JOAN TEWKESBURY: It increased from eighteen characters to twenty-four, and I figured that the audience would be the twenty-fifth character. With every addition a little more sophistication, you know, a little more of the outside world would encroach into Nashville, which was exactly what was happening to Nashville at the time.
ROBERT ALTMAN: It gets back to poetry. What we’re all doing is basically haiku. You’re trying to make a short poem and get everything in. In the first place, in making a film, I have to figure out—I have to deal with the minds and the information that the audience already has. If the audience can’t keep track of all those characters, they give up and your picture’s over. So, I’ve got to get it down to size, to where they can embrace it. I think of all of these things like dinner parties. I go to a dinner party with twelve people and Kathryn and I leave and we’re going home, I’ll say, “Who was that blonde girl that was sitting next to so-and-so?” I may have met one more person, or two that I didn’t know before. But basically I walk away and I don’t even know the people I’ve had dinner with. I think a film is prett
y much the same way. There’s that problem in Nashville. But because of being able to stop and see them sing, you learn who that person is because you’ve got that camera on them for a long time. And that singing is sort of a confession for them. It tells you a lot about that individual.

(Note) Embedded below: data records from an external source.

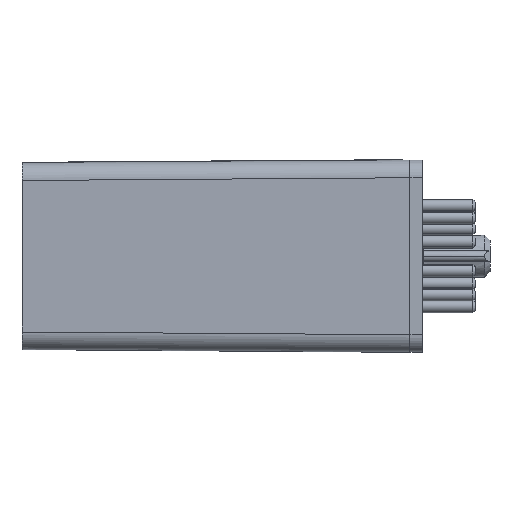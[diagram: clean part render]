
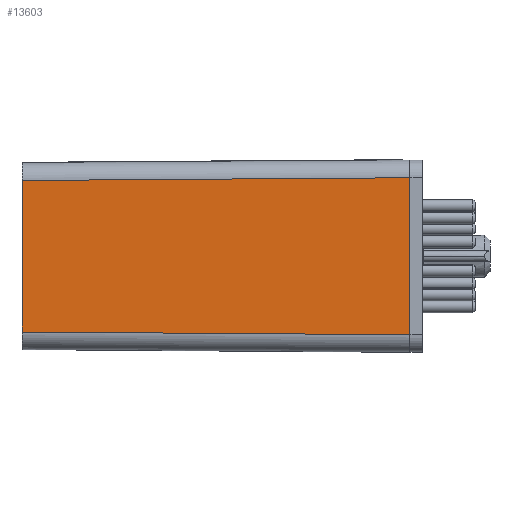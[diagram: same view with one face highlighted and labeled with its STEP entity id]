
A CAD part, left-side view. The second image highlights one B-rep face of the part: STEP entity #13603.
In plain terms, the highlighted planar face has unit normal (-1, 0.015, 0).
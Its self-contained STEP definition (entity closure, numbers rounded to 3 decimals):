
#89 = EDGE_LOOP ( 'NONE', ( #25566, #8256, #12965, #1183 ) ) ;
#1143 = EDGE_CURVE ( 'NONE', #24358, #7988, #9461, .T. ) ;
#1183 = ORIENTED_EDGE ( 'NONE', *, *, #1143, .T. ) ;
#1536 = VECTOR ( 'NONE', #16691, 1000. ) ;
#2444 = CARTESIAN_POINT ( 'NONE',  ( -37.004, -72.7, -14.708 ) ) ;
#2827 = DIRECTION ( 'NONE',  ( 0.015, 1., -0.007 ) ) ;
#3167 = CARTESIAN_POINT ( 'NONE',  ( -35.9, -0.023, 14.2 ) ) ;
#7957 = CARTESIAN_POINT ( 'NONE',  ( -35.9, 0., 17.5 ) ) ;
#7985 = LINE ( 'NONE', #22978, #1536 ) ;
#7988 = VERTEX_POINT ( 'NONE', #11727 ) ;
#8256 = ORIENTED_EDGE ( 'NONE', *, *, #13940, .T. ) ;
#9461 = LINE ( 'NONE', #3167, #27376 ) ;
#10103 = DIRECTION ( 'NONE',  ( -0.015, -1., 0. ) ) ;
#10267 = FACE_OUTER_BOUND ( 'NONE', #89, .T. ) ;
#10640 = DIRECTION ( 'NONE',  ( -0.015, -1., -0.007 ) ) ;
#10923 = VECTOR ( 'NONE', #25899, 1000. ) ;
#11238 = LINE ( 'NONE', #23172, #22517 ) ;
#11727 = CARTESIAN_POINT ( 'NONE',  ( -35.9, 0., 14.2 ) ) ;
#12154 = EDGE_CURVE ( 'NONE', #26230, #7988, #16586, .T. ) ;
#12877 = EDGE_CURVE ( 'NONE', #14652, #24358, #7985, .T. ) ;
#12965 = ORIENTED_EDGE ( 'NONE', *, *, #12877, .T. ) ;
#13139 = CARTESIAN_POINT ( 'NONE',  ( -35.9, 0., -14.2 ) ) ;
#13603 = ADVANCED_FACE ( 'NONE', ( #10267 ), #16344, .T. ) ;
#13940 = EDGE_CURVE ( 'NONE', #26230, #14652, #11238, .T. ) ;
#14652 = VERTEX_POINT ( 'NONE', #2444 ) ;
#16344 = PLANE ( 'NONE',  #17751 ) ;
#16586 = LINE ( 'NONE', #21673, #10923 ) ;
#16691 = DIRECTION ( 'NONE',  ( 0., 0., 1. ) ) ;
#17751 = AXIS2_PLACEMENT_3D ( 'NONE', #7957, #22816, #10103 ) ;
#21673 = CARTESIAN_POINT ( 'NONE',  ( -35.9, 0., 17.5 ) ) ;
#22517 = VECTOR ( 'NONE', #10640, 1000. ) ;
#22816 = DIRECTION ( 'NONE',  ( -1., 0.015, 0. ) ) ;
#22978 = CARTESIAN_POINT ( 'NONE',  ( -37.004, -72.7, 17.5 ) ) ;
#23172 = CARTESIAN_POINT ( 'NONE',  ( -35.897, 0.221, -14.199 ) ) ;
#24358 = VERTEX_POINT ( 'NONE', #26980 ) ;
#25566 = ORIENTED_EDGE ( 'NONE', *, *, #12154, .F. ) ;
#25899 = DIRECTION ( 'NONE',  ( 0., 0., 1. ) ) ;
#26230 = VERTEX_POINT ( 'NONE', #13139 ) ;
#26980 = CARTESIAN_POINT ( 'NONE',  ( -37.004, -72.7, 14.708 ) ) ;
#27376 = VECTOR ( 'NONE', #2827, 1000. ) ;
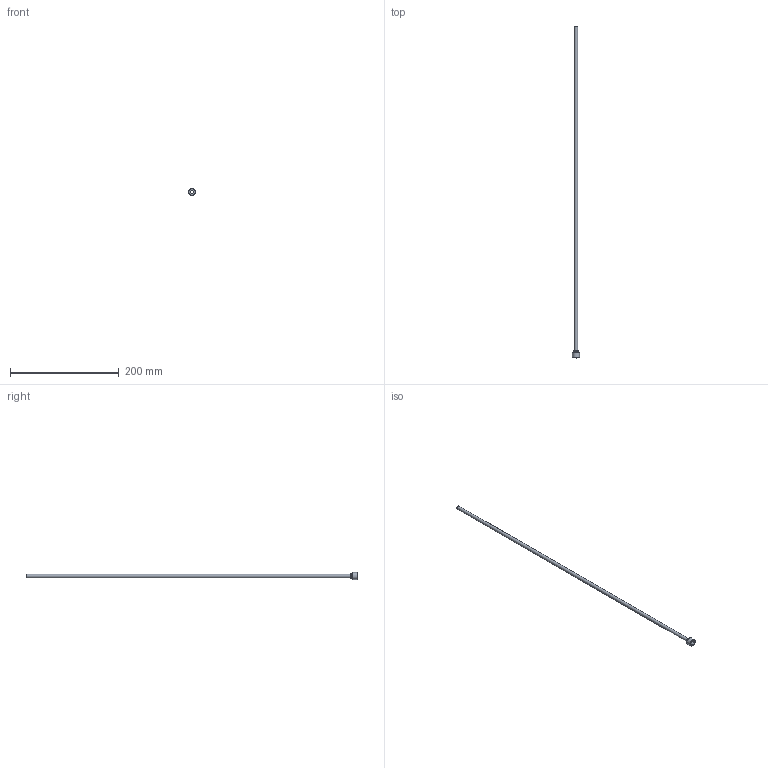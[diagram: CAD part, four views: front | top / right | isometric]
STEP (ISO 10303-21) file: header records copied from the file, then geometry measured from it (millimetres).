
FILE_DESCRIPTION(/* description */ (''),/* implementation_level */ '2;1');
FILE_NAME(/* name */ 'C:/Users/drich/Desktop/PT14-250-24 v1.step',/* time_stamp */ '2019-12-27T15:08:58-06:00',/* author */ (''),/* organization */ (''),/* preprocessor_version */ 'ST-DEVELOPER v18',/* originating_system */ 'Autodesk Translation Framework v8.12.0.6',/* authorisation */ '');
FILE_SCHEMA (('AUTOMOTIVE_DESIGN { 1 0 10303 214 3 1 1 }'));
Length unit declared in the file: inch
Products named in the file (1): PT14-250-24
Bounding box: 13.03 x 609.6 x 13.03 mm (x, y, z)
Volume: 3990.9 mm3; surface area: 23780 mm2
Topology: 1 solids, 1 shells, 19 faces, 48 edges, 34 vertices
Faces by surface type: plane 11, cylinder 4, torus 2, cone 2
Full cylindrical faces by diameter (mm): 5.842 x1, 6.35 x1, 8.712 x1, 13.032 x1
Entity records: 633 total; most frequent: DIRECTION 112, CARTESIAN_POINT 102, ORIENTED_EDGE 96, EDGE_CURVE 48, AXIS2_PLACEMENT_3D 44, VERTEX_POINT 34, CIRCLE 24, EDGE_LOOP 24

KEITH CARRADINE: Bob had one of his weekend parties and we were all gathered up there. It was a sunny day, and I had my guitar and I was playing songs. Joan was already researching Nashville. In the midst of her doing that, while we were shooting Thieves Like Us, Bob heard my music and Joan heard the music and they basically just incorporated it into the film.
I wasn’t even supposed to be Tom originally. I was going to be Bill, who was played by Allan Nicholls. They wanted Gary Busey to play Tom, which was much more on the money in terms of Gary’s energy and his personality. It would have made much more sense on first blush. Then Gary passed on the movie because he took a pilot called The Texas Wheelers with Jack Elam. When that happened I brought Allan out and Bob moved me into the role of Tom, with which I was never comfortable. I never felt right. I didn’t like him. And that’s Bob’s genius. When we were doing the Exit/In scene, where all these women wonder who he’s singing to, I walked out and I said to Bob, “I’m really uncomfortable. I don’t feel confident about what I’m doing.” And he wouldn’t even talk to me about it. He just said, “Oh, you’re fine, you’re doing fine,” and walked away.
The genius of what he had done was he put me into that skin, and what you see in the movie is a guy who doesn’t like himself. It’s brilliant. It’s the truth. So I wish I could say I was such a good actor. It had nothing to do with acting. It was the genius of Bob putting me in a circumstance that made me really uncomfortable to have to fulfill the obligations of that character, and then you see that guy who is really creeped out by himself.